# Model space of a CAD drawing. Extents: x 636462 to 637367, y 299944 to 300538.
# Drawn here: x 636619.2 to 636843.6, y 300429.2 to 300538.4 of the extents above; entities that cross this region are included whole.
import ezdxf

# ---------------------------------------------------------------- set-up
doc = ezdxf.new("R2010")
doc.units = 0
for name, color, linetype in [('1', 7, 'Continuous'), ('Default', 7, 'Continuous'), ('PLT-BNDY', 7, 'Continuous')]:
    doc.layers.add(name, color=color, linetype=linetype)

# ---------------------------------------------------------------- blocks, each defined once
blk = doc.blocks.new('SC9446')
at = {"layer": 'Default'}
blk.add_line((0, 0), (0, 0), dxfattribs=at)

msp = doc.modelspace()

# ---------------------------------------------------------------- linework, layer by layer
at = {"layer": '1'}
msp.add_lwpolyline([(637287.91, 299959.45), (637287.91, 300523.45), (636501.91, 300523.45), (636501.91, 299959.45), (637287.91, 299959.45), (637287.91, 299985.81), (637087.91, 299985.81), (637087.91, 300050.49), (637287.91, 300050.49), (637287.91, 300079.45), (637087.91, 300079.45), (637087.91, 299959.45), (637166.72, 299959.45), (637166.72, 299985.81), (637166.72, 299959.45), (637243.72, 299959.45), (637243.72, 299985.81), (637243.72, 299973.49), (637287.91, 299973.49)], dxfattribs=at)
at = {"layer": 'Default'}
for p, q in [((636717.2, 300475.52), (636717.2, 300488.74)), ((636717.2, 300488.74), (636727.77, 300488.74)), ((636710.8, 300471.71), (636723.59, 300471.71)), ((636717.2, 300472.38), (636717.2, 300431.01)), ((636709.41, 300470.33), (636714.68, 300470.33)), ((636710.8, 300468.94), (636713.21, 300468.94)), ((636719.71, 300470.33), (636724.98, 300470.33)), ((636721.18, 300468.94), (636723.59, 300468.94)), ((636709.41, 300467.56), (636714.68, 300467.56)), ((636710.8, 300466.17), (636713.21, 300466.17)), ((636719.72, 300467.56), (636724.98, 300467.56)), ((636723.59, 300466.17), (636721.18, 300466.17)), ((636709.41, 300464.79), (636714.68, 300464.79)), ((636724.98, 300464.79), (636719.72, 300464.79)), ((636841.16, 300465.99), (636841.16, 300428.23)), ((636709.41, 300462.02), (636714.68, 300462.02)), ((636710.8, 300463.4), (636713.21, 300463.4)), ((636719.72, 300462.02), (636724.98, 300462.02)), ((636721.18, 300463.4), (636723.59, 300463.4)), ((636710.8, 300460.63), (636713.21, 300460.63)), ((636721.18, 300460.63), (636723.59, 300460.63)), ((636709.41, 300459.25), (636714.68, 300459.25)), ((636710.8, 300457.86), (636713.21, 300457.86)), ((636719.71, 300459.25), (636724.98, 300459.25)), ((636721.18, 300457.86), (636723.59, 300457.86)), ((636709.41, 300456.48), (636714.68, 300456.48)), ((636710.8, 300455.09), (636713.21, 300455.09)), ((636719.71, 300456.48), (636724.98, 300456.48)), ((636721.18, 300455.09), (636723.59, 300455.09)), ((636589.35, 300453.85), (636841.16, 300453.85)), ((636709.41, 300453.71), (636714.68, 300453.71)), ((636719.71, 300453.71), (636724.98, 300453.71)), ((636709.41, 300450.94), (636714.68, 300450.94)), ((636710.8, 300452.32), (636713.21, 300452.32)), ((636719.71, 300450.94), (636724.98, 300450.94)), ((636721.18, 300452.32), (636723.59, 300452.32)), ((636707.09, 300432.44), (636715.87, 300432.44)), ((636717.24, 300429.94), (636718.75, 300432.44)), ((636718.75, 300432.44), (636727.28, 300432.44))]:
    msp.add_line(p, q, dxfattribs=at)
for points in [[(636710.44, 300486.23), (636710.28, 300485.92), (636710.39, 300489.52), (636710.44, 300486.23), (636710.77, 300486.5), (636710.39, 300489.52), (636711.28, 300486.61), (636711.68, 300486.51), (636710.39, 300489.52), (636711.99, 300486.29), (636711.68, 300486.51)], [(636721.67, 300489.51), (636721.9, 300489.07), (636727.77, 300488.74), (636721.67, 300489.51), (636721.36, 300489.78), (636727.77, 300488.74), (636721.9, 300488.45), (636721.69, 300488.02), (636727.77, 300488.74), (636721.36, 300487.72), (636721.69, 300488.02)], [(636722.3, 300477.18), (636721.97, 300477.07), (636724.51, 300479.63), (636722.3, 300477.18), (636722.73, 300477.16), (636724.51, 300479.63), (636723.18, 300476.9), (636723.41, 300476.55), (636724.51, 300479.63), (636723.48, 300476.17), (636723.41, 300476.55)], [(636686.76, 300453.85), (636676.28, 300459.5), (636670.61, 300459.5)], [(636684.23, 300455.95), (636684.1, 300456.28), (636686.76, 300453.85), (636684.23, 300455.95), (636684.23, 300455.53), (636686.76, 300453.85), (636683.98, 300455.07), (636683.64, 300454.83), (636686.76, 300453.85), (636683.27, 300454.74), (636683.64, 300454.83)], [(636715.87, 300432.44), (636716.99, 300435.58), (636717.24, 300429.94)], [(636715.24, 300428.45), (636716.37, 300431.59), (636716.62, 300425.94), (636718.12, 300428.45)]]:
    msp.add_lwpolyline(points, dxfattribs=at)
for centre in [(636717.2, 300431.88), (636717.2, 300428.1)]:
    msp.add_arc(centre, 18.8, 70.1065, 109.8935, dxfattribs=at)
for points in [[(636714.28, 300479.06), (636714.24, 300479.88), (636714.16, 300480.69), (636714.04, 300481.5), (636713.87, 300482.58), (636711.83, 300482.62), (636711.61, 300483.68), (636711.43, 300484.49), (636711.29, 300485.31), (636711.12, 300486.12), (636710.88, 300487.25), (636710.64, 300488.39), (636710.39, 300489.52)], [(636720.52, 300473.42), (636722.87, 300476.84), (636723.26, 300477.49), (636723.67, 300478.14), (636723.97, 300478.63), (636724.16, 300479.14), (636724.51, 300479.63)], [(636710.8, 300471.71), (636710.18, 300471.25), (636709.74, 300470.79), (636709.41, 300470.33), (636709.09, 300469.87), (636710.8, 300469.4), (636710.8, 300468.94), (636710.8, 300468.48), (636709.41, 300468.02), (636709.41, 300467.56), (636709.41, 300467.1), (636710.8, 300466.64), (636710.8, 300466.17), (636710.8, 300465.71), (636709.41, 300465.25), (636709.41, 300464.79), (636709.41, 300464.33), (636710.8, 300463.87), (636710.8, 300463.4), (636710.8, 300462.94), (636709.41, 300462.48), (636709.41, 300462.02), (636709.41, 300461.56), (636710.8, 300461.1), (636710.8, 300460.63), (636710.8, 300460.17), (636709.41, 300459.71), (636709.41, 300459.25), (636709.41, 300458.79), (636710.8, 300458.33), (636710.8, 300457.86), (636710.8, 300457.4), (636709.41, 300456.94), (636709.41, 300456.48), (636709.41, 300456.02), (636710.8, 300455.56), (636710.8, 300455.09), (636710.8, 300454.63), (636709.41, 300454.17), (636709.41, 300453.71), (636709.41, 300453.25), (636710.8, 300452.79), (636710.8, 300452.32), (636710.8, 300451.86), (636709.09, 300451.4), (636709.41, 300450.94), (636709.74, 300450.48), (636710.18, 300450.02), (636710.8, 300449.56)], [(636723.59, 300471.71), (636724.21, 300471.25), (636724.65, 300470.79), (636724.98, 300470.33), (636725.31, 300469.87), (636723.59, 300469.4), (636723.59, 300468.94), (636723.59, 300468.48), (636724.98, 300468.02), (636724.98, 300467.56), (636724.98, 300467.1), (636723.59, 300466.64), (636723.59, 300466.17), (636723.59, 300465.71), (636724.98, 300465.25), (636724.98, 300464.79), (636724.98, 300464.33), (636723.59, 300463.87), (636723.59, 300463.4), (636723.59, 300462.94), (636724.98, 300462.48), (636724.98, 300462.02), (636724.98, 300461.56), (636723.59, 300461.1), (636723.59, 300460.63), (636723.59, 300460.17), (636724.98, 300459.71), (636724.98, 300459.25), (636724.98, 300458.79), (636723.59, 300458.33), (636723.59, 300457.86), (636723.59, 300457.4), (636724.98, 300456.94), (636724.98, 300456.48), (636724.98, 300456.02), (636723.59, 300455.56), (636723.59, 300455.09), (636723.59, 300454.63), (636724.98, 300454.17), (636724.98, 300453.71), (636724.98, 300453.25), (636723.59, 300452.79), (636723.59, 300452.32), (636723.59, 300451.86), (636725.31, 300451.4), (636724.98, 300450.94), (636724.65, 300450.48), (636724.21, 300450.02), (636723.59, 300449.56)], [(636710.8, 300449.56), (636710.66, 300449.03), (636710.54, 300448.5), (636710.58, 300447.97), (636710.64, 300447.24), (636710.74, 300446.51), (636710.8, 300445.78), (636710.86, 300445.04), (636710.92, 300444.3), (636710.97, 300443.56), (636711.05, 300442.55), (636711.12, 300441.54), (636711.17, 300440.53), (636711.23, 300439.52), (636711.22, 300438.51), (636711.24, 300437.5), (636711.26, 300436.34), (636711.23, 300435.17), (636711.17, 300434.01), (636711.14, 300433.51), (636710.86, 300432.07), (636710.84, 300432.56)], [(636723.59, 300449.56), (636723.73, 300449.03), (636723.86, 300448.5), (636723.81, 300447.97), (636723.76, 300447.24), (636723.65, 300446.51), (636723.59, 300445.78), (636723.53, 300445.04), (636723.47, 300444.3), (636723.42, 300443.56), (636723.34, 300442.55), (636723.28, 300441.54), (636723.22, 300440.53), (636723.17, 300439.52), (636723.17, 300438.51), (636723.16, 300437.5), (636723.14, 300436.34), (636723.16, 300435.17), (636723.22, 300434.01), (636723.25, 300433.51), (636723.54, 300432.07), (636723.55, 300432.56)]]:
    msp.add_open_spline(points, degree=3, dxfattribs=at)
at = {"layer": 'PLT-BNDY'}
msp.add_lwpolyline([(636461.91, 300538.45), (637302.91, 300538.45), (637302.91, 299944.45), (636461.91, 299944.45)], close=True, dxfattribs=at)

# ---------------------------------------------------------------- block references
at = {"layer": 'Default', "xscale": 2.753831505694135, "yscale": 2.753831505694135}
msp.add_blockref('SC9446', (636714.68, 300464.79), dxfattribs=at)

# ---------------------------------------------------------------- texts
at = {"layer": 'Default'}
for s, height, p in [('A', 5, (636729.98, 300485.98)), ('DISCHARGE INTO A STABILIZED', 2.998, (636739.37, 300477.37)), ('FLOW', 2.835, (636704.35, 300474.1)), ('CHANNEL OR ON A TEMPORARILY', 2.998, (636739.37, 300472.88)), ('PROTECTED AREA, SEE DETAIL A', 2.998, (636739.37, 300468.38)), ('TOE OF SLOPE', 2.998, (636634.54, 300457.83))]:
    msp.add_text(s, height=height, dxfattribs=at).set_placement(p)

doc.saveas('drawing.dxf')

# [What you need to do]
For every line of the records that has the word "blocks" in it, make a copy.

# [Expected answer]
# ---------------------------------------------------------------- blocks, each defined once
blk = doc.blocks.new('SC9446')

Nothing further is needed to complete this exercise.